48. Diese Vorrichtung besteht aus einem auf schiefer Ebene sich
bewegenden Becherwerk mit endloser Kette. Das flüssige Roheisen wird in der Pfanne
an die Gießmaschine herangefahren und hier in die mit gleichförmiger Geschwindigkeit
sich bewegenden Tröge gegossen. Das Kippen der Pfanne geschieht ohne Unterbrechung,
da die Ränder der Tröge so übereinandergreifen, daß kein Zwischenraum entsteht. Die
schiefe Ebene des Becherwerkes ist so lang, daß der Inhalt der Tröge, an dem
höchsten Punkt der Bahn angekommen, schon genügend erkaltet ist; nötigenfalls werden
die Masseln noch mit Wasser bespritzt.

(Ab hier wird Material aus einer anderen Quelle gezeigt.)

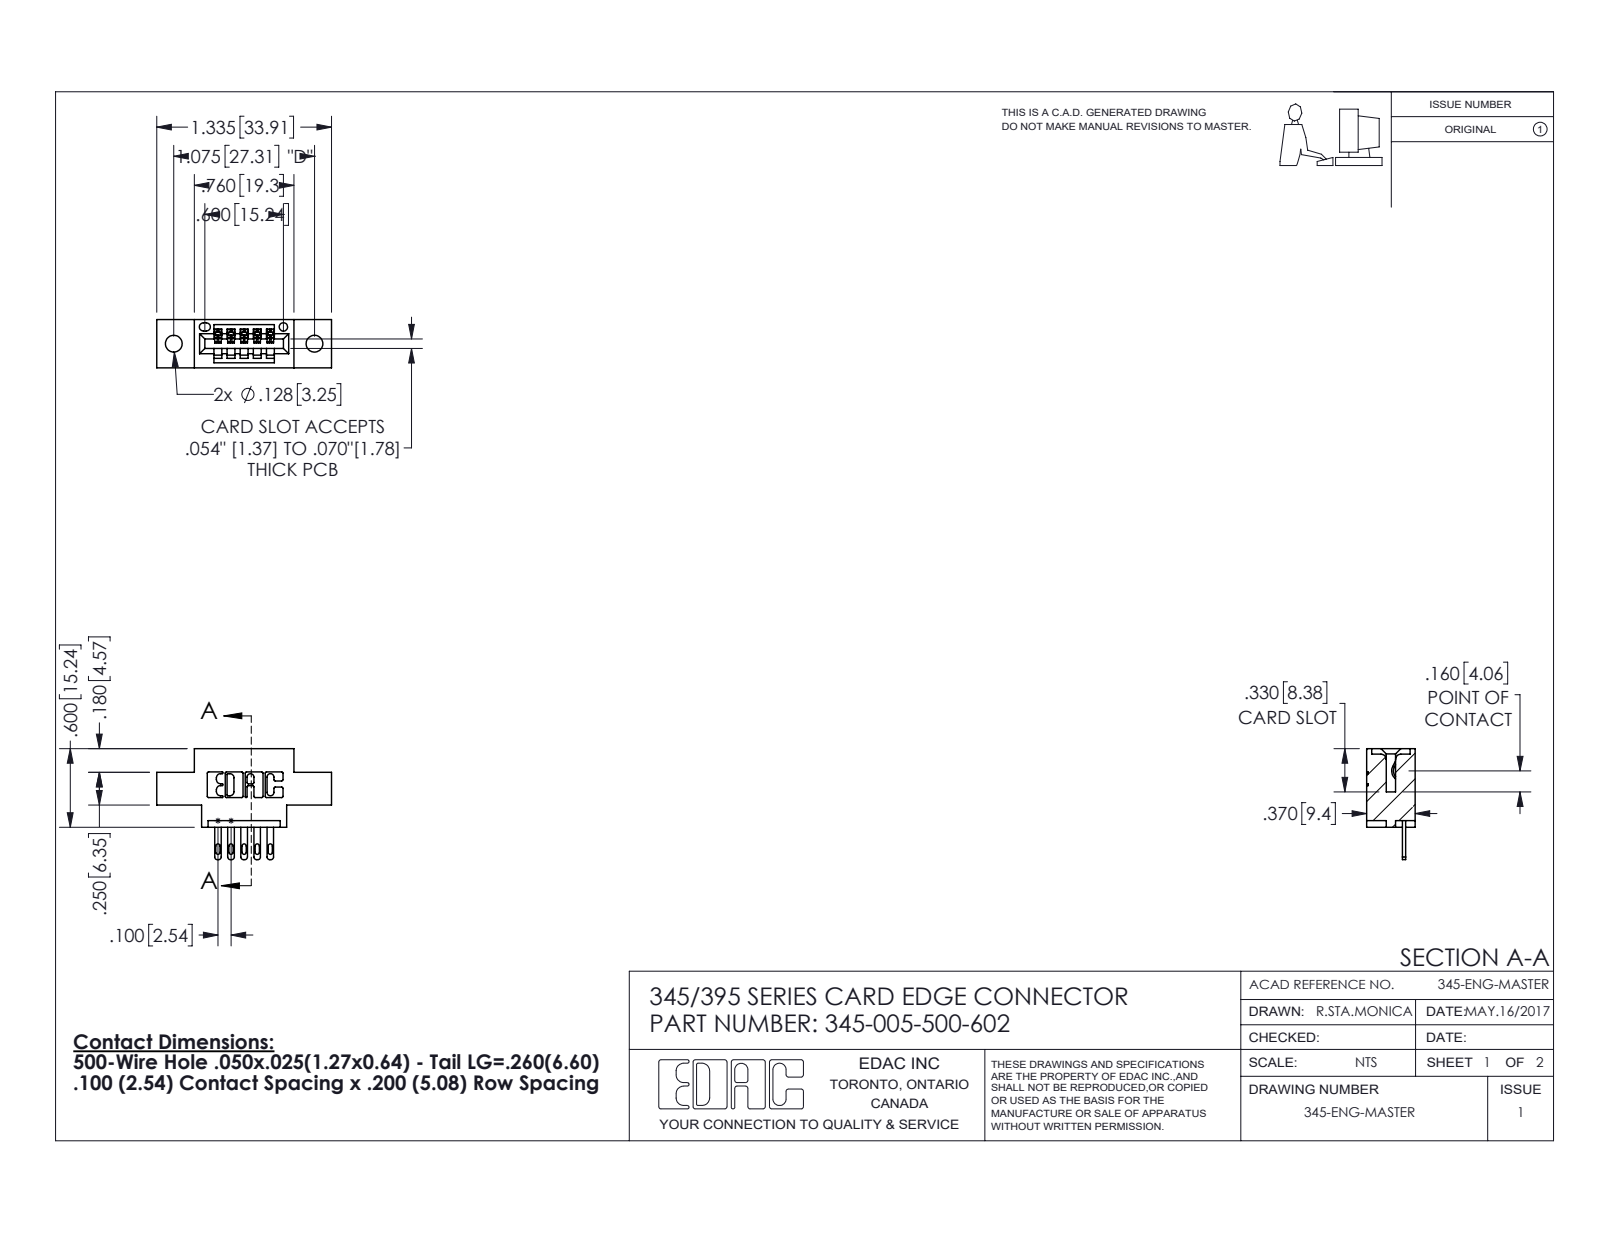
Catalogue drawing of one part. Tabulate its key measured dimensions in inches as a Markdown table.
| quantity | value |
| --- | --- |
| part name | 345-005-500-602; 345-292-001_345-293-100; 345 Part_0.170 Offset - 0.128 Dia |
| STEP written by | SolidWorks 2016 (CONFIG_CONTROL_DESIGN) |
| units | inches |
| bodies | 6 solids, 400 faces (254 planar, 146 cylindrical, 0 other) |
| overall size | 1.335 × 0.847 × 0.37 |
| volume | 0.169 in³ |
| surface area | 4.72 in² |
| round holes (diameter × count) | 0.128 × 2, 0.064 × 1 |
| partial cylindrical surfaces (radius × count) | 0.01 × 22, 0.006 × 10, 0.016 × 10, 0.02 × 10, 0.007 × 6, 0.031 × 6, 0.026 × 3, 0.031 × 2 |
| main face-to-face distances | 0.37, 0.2, 0.072, 0.298, 0.1, 0.025, 0.25, 0.098, 0.272, 0.06 |
| hole center spacings | 0.27, 0.847, 1.075 |

Bei ihrer Bewegungsumkehr schütten die Tröge
ihren Inhalt in Wagen oder dergl. aus.
Folgen wir indes dem Roheisen auf seinem andern Wege nach dem Stahlwerk zum
Lagerplatz, so lernen wir hier eine Anzahl eigenartiger, heute hochentwickelter
Spezialhebezeuge kennen.
Wie bekannt, gibt es zwei Arten der Stahlerzeugung, den Bessemer- und Thomas-Prozeß einerseits, den
Martin-Prozeß andererseits. Der erstere vollzieht
sich in der Bessemer-Birne, der andere im
Flammofen.
Das zur Stahlerzeugung in die Birne eingesetzte Material ist stets Roheisen im
flüssigen Zustande. Anders beim Martin-Verfahren. Hier
wurde früher und wird in älteren Werken auch heute noch das Material, Alteisen,
Schrott und Roheisen in festem Zustande eingesetzt. In neueren Werken wird indes das
Roheisen auch vielfach in flüssigem Zustande in den Flammofen eingebracht. Um nun
ein wiederholtes Einschmelzen des Roheisens zu vermeiden, bringt man die Gießpfanne
mit dem Abstich gleich ins Stahlwerk zur Weiterverarbeitung. Durch diese Methode
sind aber die einzelnen Chargen von dem Hochofengang abhängig. Man hat daher in
vielen Fällen zwischen Hochofen und Stahlwerk ein vermittelndes Glied eingeschoben,
den Roheisenmischer. Dies ist ein Gefäß von großem
Rauminhalt, das um seine Längsachse gekippt werden kann. In diesen Mischer entleeren
die vom Hochofen kommenden Pfannen ihren Inhalt und aus ihm werden wiederum die
Chargen für das Bessemer- und Martin-Werk entnommen.D. p. J.
1907, S. 777 Fig. 17.
Es ist nicht meine Aufgabe, hier auf die Vorteile des Mischers für den
Stahlwerkbetrieb einzugehen; die letzten zehn Jahrgänge von „Stahl und Eisen“
bieten hierfür reiches Material, auch ein Aufsatz von Brisker in D. p. J. 1902, S. 447 ist in dieser Richtung sowie für die
sonstigen Vorgänge in einem Stahlwerk zum Nachlesen zu empfehlen. Die in einem Bessemer- oder Thomas-Werk
üblichen Hilfsmittel für den Materialtransport bis zur Gießhalle kann ich hier
übergehen, da sie erst kürzlich in dieser Zeitschrift von Michenfelder behandelt worden sind.D. p.
J. 1907, S. 663 u. f.
Ich möchte nur hierzu bemerken, daß der Transport der Gießpfanne mit dem flüssigen
Roheisen vom Mischer zur Bessemer-Birne in neueren
Werken stets durch Laufkrane bewerkstelligt wird.
Der weitere Weg des Materials von der Gießhalle aus ist bei beiden
Stahlerzeugungsprozessen der gleiche, weshalb ich mich hier auf Martin -Werke beschränken werde.